● Task goal
All lines in the records below that hold "color" are to be shown.

● Data for analysis
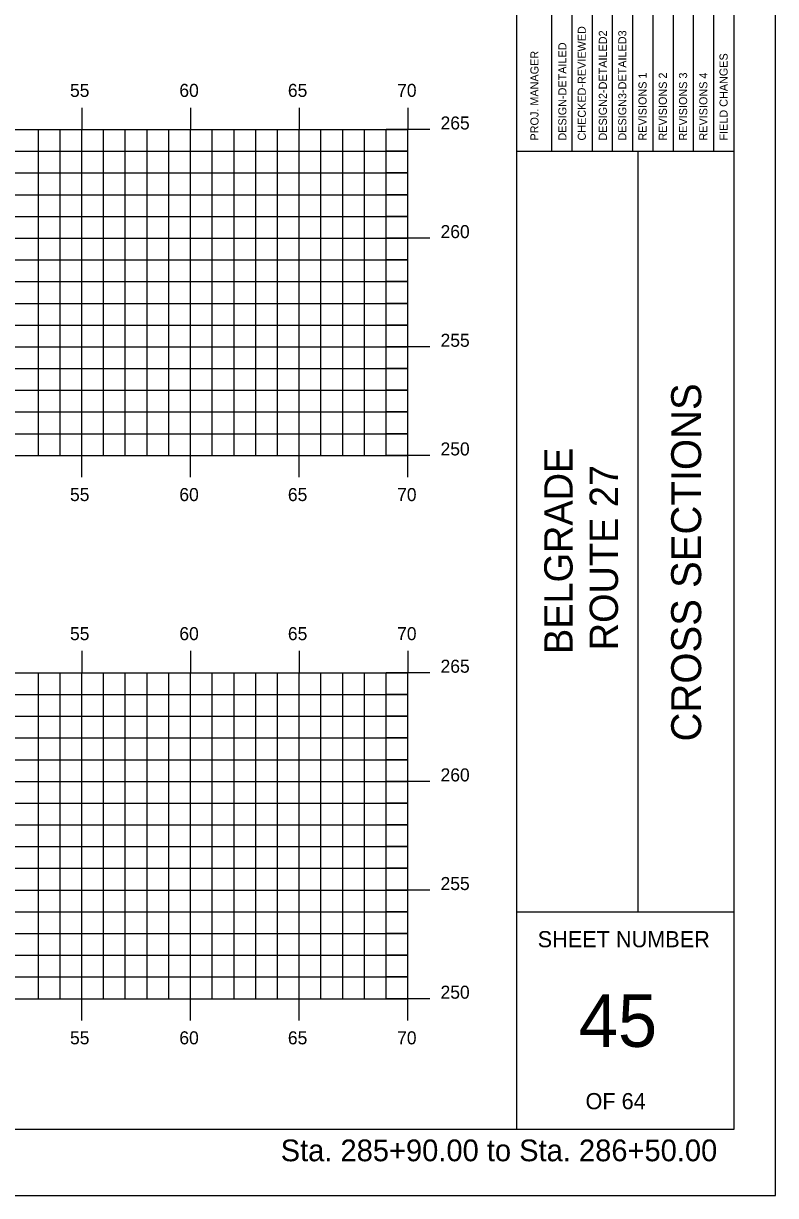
# Model space of a CAD drawing. Extents: x 856903 to 857073, y 366268 to 366378.
# Drawn here: x 857038.1 to 857072.7, y 366268.2 to 366322.1 of the extents above; entities that cross this region are included whole.
import ezdxf

# ---------------------------------------------------------------- set-up
doc = ezdxf.new("R2010")
doc.units = 0
for name, color, linetype in [('BORDER', 7, 'Continuous'), ('H_V ANNOTATION', 7, 'Continuous'), ('HIGHWAY_TITLE', 7, 'Continuous'), ('MAJOR', 7, 'Continuous'), ('MINOR', 7, 'Continuous'), ('PLOT BOUNDARY', 7, 'Continuous')]:
    doc.layers.add(name, color=color, linetype=linetype)

msp = doc.modelspace()

# ---------------------------------------------------------------- linework, layer by layer
at = {"layer": 'BORDER'}
for p, q in [((857060.784, 366271.236), (857060.784, 366376.239)), ((857070.784, 366271.236), (857070.784, 366376.236)), ((857060.784, 366316.239), (857070.784, 366316.239)), ((857066.375, 366281.239), (857066.375, 366316.239)), ((857060.784, 366281.239), (857070.784, 366281.239)), ((856910.784, 366271.236), (857070.784, 366271.236))]:
    msp.add_line(p, q, dxfattribs=at)
for points in [[(857063.332, 366316.242), (857063.332, 366333.739)], [(857064.263, 366333.739), (857064.263, 366316.242)], [(857065.195, 366316.242), (857065.195, 366333.739)], [(857066.127, 366316.242), (857066.127, 366333.739)], [(857067.058, 366316.242), (857067.058, 366333.739)], [(857067.99, 366316.242), (857067.99, 366333.739)], [(857068.922, 366316.242), (857068.922, 366333.739)], [(857069.853, 366316.242), (857069.853, 366333.739)], [(857062.4, 366316.242), (857062.4, 366333.033)]]:
    msp.add_lwpolyline(points, dxfattribs=at)
at = {"layer": 'MAJOR'}
for p, q in [((857040.784, 366318.238), (857040.784, 366317.236)), ((857045.784, 366318.238), (857045.784, 366317.236)), ((857050.784, 366318.238), (857050.784, 366317.236)), ((857055.784, 366318.238), (857055.784, 366317.236)), ((856915.784, 366317.236), (857055.784, 366317.236)), ((856915.784, 366317.236), (857055.784, 366317.236)), ((857040.784, 366302.236), (857040.784, 366317.236)), ((857045.784, 366302.236), (857045.784, 366317.236)), ((857050.784, 366302.236), (857050.784, 366317.236)), ((857056.786, 366317.236), (857054.782, 366317.236)), ((857055.784, 366302.236), (857055.784, 366317.236)), ((857055.784, 366302.236), (857055.784, 366317.236)), ((856915.784, 366312.236), (857055.784, 366312.236)), ((857056.786, 366312.236), (857054.782, 366312.236)), ((856915.784, 366307.236), (857055.784, 366307.236)), ((857056.786, 366307.236), (857054.782, 366307.236)), ((856915.784, 366302.236), (857055.784, 366302.236)), ((856915.784, 366302.236), (857055.784, 366302.236)), ((857040.784, 366301.234), (857040.784, 366302.236)), ((857045.784, 366301.234), (857045.784, 366302.236)), ((857050.784, 366301.234), (857050.784, 366302.236)), ((857056.786, 366302.236), (857054.782, 366302.236)), ((857055.784, 366301.234), (857055.784, 366302.236)), ((857040.784, 366293.238), (857040.784, 366292.236)), ((857045.784, 366293.238), (857045.784, 366292.236)), ((857050.784, 366293.238), (857050.784, 366292.236)), ((857055.784, 366293.238), (857055.784, 366292.236)), ((856915.784, 366292.236), (857055.784, 366292.236)), ((856915.784, 366292.236), (857055.784, 366292.236)), ((857040.784, 366277.236), (857040.784, 366292.236)), ((857045.784, 366277.236), (857045.784, 366292.236)), ((857050.784, 366277.236), (857050.784, 366292.236)), ((857056.786, 366292.236), (857054.782, 366292.236)), ((857055.784, 366277.236), (857055.784, 366292.236)), ((857055.784, 366277.236), (857055.784, 366292.236)), ((856915.784, 366287.236), (857055.784, 366287.236)), ((857056.786, 366287.236), (857054.782, 366287.236)), ((856915.784, 366282.236), (857055.784, 366282.236)), ((857056.786, 366282.236), (857054.782, 366282.236)), ((856915.784, 366277.236), (857055.784, 366277.236)), ((856915.784, 366277.236), (857055.784, 366277.236)), ((857040.784, 366276.234), (857040.784, 366277.236)), ((857045.784, 366276.234), (857045.784, 366277.236)), ((857050.784, 366276.234), (857050.784, 366277.236)), ((857056.786, 366277.236), (857054.782, 366277.236)), ((857055.784, 366276.234), (857055.784, 366277.236))]:
    msp.add_line(p, q, dxfattribs=at)
at = {"layer": 'MINOR'}
for p, q in [((857038.784, 366302.236), (857038.784, 366317.236)), ((857039.784, 366302.236), (857039.784, 366317.236)), ((857041.784, 366302.236), (857041.784, 366317.236)), ((857042.784, 366302.236), (857042.784, 366317.236)), ((857043.784, 366302.236), (857043.784, 366317.236)), ((857044.784, 366302.236), (857044.784, 366317.236)), ((857046.784, 366302.236), (857046.784, 366317.236)), ((857047.784, 366302.236), (857047.784, 366317.236)), ((857048.784, 366302.236), (857048.784, 366317.236)), ((857049.784, 366302.236), (857049.784, 366317.236)), ((857051.784, 366302.236), (857051.784, 366317.236)), ((857052.784, 366302.236), (857052.784, 366317.236)), ((857053.784, 366302.236), (857053.784, 366317.236)), ((857054.784, 366302.236), (857054.784, 366317.236)), ((856915.784, 366316.236), (857055.784, 366316.236)), ((857055.784, 366316.236), (857054.782, 366316.236)), ((856915.784, 366315.236), (857055.784, 366315.236)), ((857055.784, 366315.236), (857054.782, 366315.236)), ((856915.784, 366314.236), (857055.784, 366314.236)), ((857055.784, 366314.236), (857054.782, 366314.236)), ((856915.784, 366313.236), (857055.784, 366313.236)), ((857055.784, 366313.236), (857054.782, 366313.236)), ((856915.784, 366311.236), (857055.784, 366311.236)), ((857055.784, 366311.236), (857054.782, 366311.236)), ((856915.784, 366310.236), (857055.784, 366310.236)), ((857055.784, 366310.236), (857054.782, 366310.236)), ((856915.784, 366309.236), (857055.784, 366309.236)), ((857055.784, 366309.236), (857054.782, 366309.236)), ((856915.784, 366308.236), (857055.784, 366308.236)), ((857055.784, 366308.236), (857054.782, 366308.236)), ((856915.784, 366306.236), (857055.784, 366306.236)), ((857055.784, 366306.236), (857054.782, 366306.236)), ((856915.784, 366305.236), (857055.784, 366305.236)), ((857055.784, 366305.236), (857054.782, 366305.236)), ((856915.784, 366304.236), (857055.784, 366304.236)), ((857055.784, 366304.236), (857054.782, 366304.236)), ((856915.784, 366303.236), (857055.784, 366303.236)), ((857055.784, 366303.236), (857054.782, 366303.236)), ((857038.784, 366277.236), (857038.784, 366292.236)), ((857039.784, 366277.236), (857039.784, 366292.236)), ((857041.784, 366277.236), (857041.784, 366292.236)), ((857042.784, 366277.236), (857042.784, 366292.236)), ((857043.784, 366277.236), (857043.784, 366292.236)), ((857044.784, 366277.236), (857044.784, 366292.236)), ((857046.784, 366277.236), (857046.784, 366292.236)), ((857047.784, 366277.236), (857047.784, 366292.236)), ((857048.784, 366277.236), (857048.784, 366292.236)), ((857049.784, 366277.236), (857049.784, 366292.236)), ((857051.784, 366277.236), (857051.784, 366292.236)), ((857052.784, 366277.236), (857052.784, 366292.236)), ((857053.784, 366277.236), (857053.784, 366292.236)), ((857054.784, 366277.236), (857054.784, 366292.236)), ((856915.784, 366291.236), (857055.784, 366291.236)), ((857055.784, 366291.236), (857054.782, 366291.236)), ((856915.784, 366290.236), (857055.784, 366290.236)), ((857055.784, 366290.236), (857054.782, 366290.236)), ((856915.784, 366289.236), (857055.784, 366289.236)), ((857055.784, 366289.236), (857054.782, 366289.236)), ((856915.784, 366288.236), (857055.784, 366288.236)), ((857055.784, 366288.236), (857054.782, 366288.236)), ((856915.784, 366286.236), (857055.784, 366286.236)), ((857055.784, 366286.236), (857054.782, 366286.236)), ((856915.784, 366285.236), (857055.784, 366285.236)), ((857055.784, 366285.236), (857054.782, 366285.236)), ((856915.784, 366284.236), (857055.784, 366284.236)), ((857055.784, 366284.236), (857054.782, 366284.236)), ((856915.784, 366283.236), (857055.784, 366283.236)), ((857055.784, 366283.236), (857054.782, 366283.236)), ((856915.784, 366281.236), (857055.784, 366281.236)), ((857055.784, 366281.236), (857054.782, 366281.236)), ((856915.784, 366280.236), (857055.784, 366280.236)), ((857055.784, 366280.236), (857054.782, 366280.236)), ((856915.784, 366279.236), (857055.784, 366279.236)), ((857055.784, 366279.236), (857054.782, 366279.236)), ((856915.784, 366278.236), (857055.784, 366278.236)), ((857055.784, 366278.236), (857054.782, 366278.236))]:
    msp.add_line(p, q, dxfattribs=at)
at = {"layer": 'PLOT BOUNDARY'}
msp.add_lwpolyline([(856902.691, 366268.177), (857072.691, 366268.177), (857072.691, 366378.177), (856902.691, 366378.177)], close=True, dxfattribs=at)

# ---------------------------------------------------------------- texts
at = {"layer": 'BORDER'}
for s, height, rotation, p in [('CHECKED-REVIEWED', 0.37275, 90, (857063.965, 366316.727)), ('DESIGN2-DETAILED2', 0.37275, 90, (857064.934, 366316.727)), ('DESIGN3-DETAILED3', 0.37275, 90, (857065.829, 366316.727)), ('PROJ. MANAGER', 0.37275, 90, (857061.788, 366316.727)), ('DESIGN-DETAILED', 0.37275, 90, (857063.071, 366316.727)), ('FIELD CHANGES', 0.37275, 90, (857070.487, 366316.727)), ('REVISIONS 1', 0.37275, 90, (857066.76, 366316.727)), ('REVISIONS 2', 0.37275, 90, (857067.692, 366316.727)), ('REVISIONS 3', 0.37275, 90, (857068.624, 366316.727)), ('REVISIONS 4', 0.37275, 90, (857069.555, 366316.727)), ('CROSS SECTIONS', 1.37787, 90, (857069.269, 366289.073)), ('SHEET NUMBER', 0.74527, 360, (857061.75, 366279.603)), ('45', 2.4194, 360, (857063.645, 366275.019)), ('OF 64', 0.7453, 360, (857063.951, 366272.149))]:
    msp.add_text(s, height=height, rotation=rotation, dxfattribs=at).set_placement(p)
at = {"layer": 'H_V ANNOTATION'}
for s, height, p in [('55', 0.6, (857040.241, 366318.736)), ('60', 0.6, (857045.27, 366318.736)), ('65', 0.6, (857050.262, 366318.736)), ('70', 0.6, (857055.286, 366318.736)), ('265', 0.6, (857057.284, 366317.236)), ('260', 0.6, (857057.284, 366312.236)), ('255', 0.6, (857057.284, 366307.236)), ('250', 0.6, (857057.284, 366302.236)), ('55', 0.6, (857040.241, 366300.136)), ('60', 0.6, (857045.27, 366300.136)), ('65', 0.6, (857050.262, 366300.136)), ('70', 0.6, (857055.286, 366300.136)), ('55', 0.6, (857040.241, 366293.736)), ('60', 0.6, (857045.27, 366293.736)), ('65', 0.6, (857050.262, 366293.736)), ('70', 0.6, (857055.286, 366293.736)), ('265', 0.6, (857057.284, 366292.236)), ('260', 0.6, (857057.284, 366287.236)), ('255', 0.6, (857057.284, 366282.236)), ('250', 0.6, (857057.284, 366277.236)), ('55', 0.6, (857040.241, 366275.136)), ('60', 0.6, (857045.27, 366275.136)), ('65', 0.6, (857050.262, 366275.136)), ('70', 0.6, (857055.286, 366275.136)), ('Sta. 285+90.00 to Sta. 286+50.00', 1.0002, (857049.93, 366269.756))]:
    msp.add_text(s, height=height, dxfattribs=at).set_placement(p)
at = {"layer": 'HIGHWAY_TITLE'}
for s, p in [('BELGRADE', (857063.357, 366293.095)), ('ROUTE 27', (857065.444, 366293.269))]:
    msp.add_text(s, height=1.3043, rotation=90, dxfattribs=at).set_placement(p)

doc.saveas('drawing.dxf')

● Expected answer
for name, color, linetype in [('BORDER', 7, 'Continuous'), ('H_V ANNOTATION', 7, 'Continuous'), ('HIGHWAY_TITLE', 7, 'Continuous'), ('MAJOR', 7, 'Continuous'), ('MINOR', 7, 'Continuous'), ('PLOT BOUNDARY', 7, 'Continuous')]:
    doc.layers.add(name, color=color, linetype=linetype)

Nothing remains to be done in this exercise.